Although BLM uses PZP 22 already and Thissell agreed for smaller areas, a volunteer group would work, one of the hurdles BLM faces is that most of the herd management areas are up to half a million acres. There are 177 HMAs on 26.9 million acres managed by BLM, according to BLM’s program data.
Thissell said there’s limited access to the range in late winter and early spring when the vaccine should be applied, and some of the horses aren’t approachable for darting, which makes delivery infeasible.
Thissell said that while there are longer lasting fertility control forms, they haven’t been shown to be effective and they need to be hand injected, which would require more horse gatherings and more applications.
“And that’s economically unfeasible,” she said.
Another method BLM has utilized to manage population has been adopting out horses to the general public. But in the past 15 years, the market for horses has decreased significantly, Thissell said.
“In the ’90s where there weren’t many available, now we have thousands and thousands over what was once available,” she explained. “We have a lot of animals in holding. It’s compounded to the point where adoption probably can’t reach the demand for what we have available.”
Kathrens said one of the best ways to manage population would be encouraging an ecosystem of predator-prey balance. She said there needs to be predator protection of wolves and mountain lions because without them there isn’t a natural balance.
“Personally, and I’m a wildlife lover, I don’t think wild horses should have any greater value than deer or elk,” she said. “We need to embrace the natural world and natural cycle. Those top-tier predators need to have space on public lands.”

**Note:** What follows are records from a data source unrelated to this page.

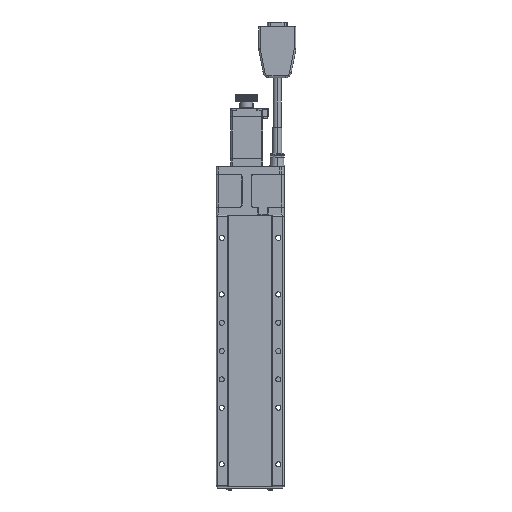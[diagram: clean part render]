
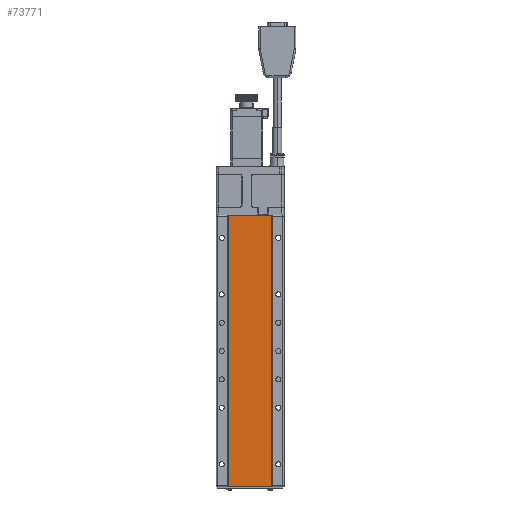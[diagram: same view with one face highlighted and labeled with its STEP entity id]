
A CAD part, front view. The second image highlights one B-rep face of the part: STEP entity #73771.
In plain terms, the highlighted planar face has unit normal (0, -1, 0).
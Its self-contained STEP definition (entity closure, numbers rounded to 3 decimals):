
#4458 = DIRECTION ( 'NONE',  ( 1., 0., 0. ) ) ;
#4650 = VECTOR ( 'NONE', #127841, 1000. ) ;
#6643 = LINE ( 'NONE', #26626, #72002 ) ;
#7815 = DIRECTION ( 'NONE',  ( 0., 0., -1. ) ) ;
#8140 = PLANE ( 'NONE',  #41114 ) ;
#9254 = CARTESIAN_POINT ( 'NONE',  ( -19.3, 0.8, 0.3 ) ) ;
#11942 = LINE ( 'NONE', #22303, #57886 ) ;
#17628 = CARTESIAN_POINT ( 'NONE',  ( 19.3, 0.8, 239.9 ) ) ;
#22127 = CARTESIAN_POINT ( 'NONE',  ( -19.3, 0.8, 239.9 ) ) ;
#22303 = CARTESIAN_POINT ( 'NONE',  ( -19.3, 0.8, 239.9 ) ) ;
#26626 = CARTESIAN_POINT ( 'NONE',  ( -19.3, 0.8, 0.3 ) ) ;
#31781 = DIRECTION ( 'NONE',  ( -1., 0., 0. ) ) ;
#38447 = LINE ( 'NONE', #94581, #4650 ) ;
#41114 = AXIS2_PLACEMENT_3D ( 'NONE', #22127, #144046, #31781 ) ;
#52529 = CARTESIAN_POINT ( 'NONE',  ( 19.3, 0.8, 0.3 ) ) ;
#52900 = VERTEX_POINT ( 'NONE', #52529 ) ;
#53989 = FACE_OUTER_BOUND ( 'NONE', #119498, .T. ) ;
#57886 = VECTOR ( 'NONE', #99875, 1000. ) ;
#58468 = CARTESIAN_POINT ( 'NONE',  ( -19.3, 0.8, 0.3 ) ) ;
#59170 = EDGE_CURVE ( 'NONE', #75673, #52900, #6643, .T. ) ;
#62705 = ORIENTED_EDGE ( 'NONE', *, *, #105264, .T. ) ;
#65430 = LINE ( 'NONE', #9254, #75724 ) ;
#72002 = VECTOR ( 'NONE', #4458, 1000. ) ;
#73771 = ADVANCED_FACE ( 'NONE', ( #53989 ), #8140, .F. ) ;
#75673 = VERTEX_POINT ( 'NONE', #58468 ) ;
#75724 = VECTOR ( 'NONE', #7815, 1000. ) ;
#80063 = EDGE_CURVE ( 'NONE', #136114, #106203, #11942, .T. ) ;
#93243 = ORIENTED_EDGE ( 'NONE', *, *, #97638, .T. ) ;
#94581 = CARTESIAN_POINT ( 'NONE',  ( 19.3, 0.8, 0.3 ) ) ;
#97638 = EDGE_CURVE ( 'NONE', #106203, #75673, #65430, .T. ) ;
#99875 = DIRECTION ( 'NONE',  ( -1., 0., 0. ) ) ;
#105264 = EDGE_CURVE ( 'NONE', #52900, #136114, #38447, .T. ) ;
#106203 = VERTEX_POINT ( 'NONE', #137749 ) ;
#119498 = EDGE_LOOP ( 'NONE', ( #93243, #143644, #62705, #128506 ) ) ;
#127841 = DIRECTION ( 'NONE',  ( 0., 0., 1. ) ) ;
#128506 = ORIENTED_EDGE ( 'NONE', *, *, #80063, .T. ) ;
#136114 = VERTEX_POINT ( 'NONE', #17628 ) ;
#137749 = CARTESIAN_POINT ( 'NONE',  ( -19.3, 0.8, 239.9 ) ) ;
#143644 = ORIENTED_EDGE ( 'NONE', *, *, #59170, .T. ) ;
#144046 = DIRECTION ( 'NONE',  ( 0., 1., 0. ) ) ;

At the end of the day, the matter of overpopulation still stands. BLM says the wild horse population can increase 20 percent a year, doubling every four to five years.
“We’re really exceeding what is healthy for the landscape and animals both,” Thissell said. “We’re way, way over the number of animals the landscape can support. An excess of any animal is going to cause undo pressure on limited resources; we have to look at the big picture.”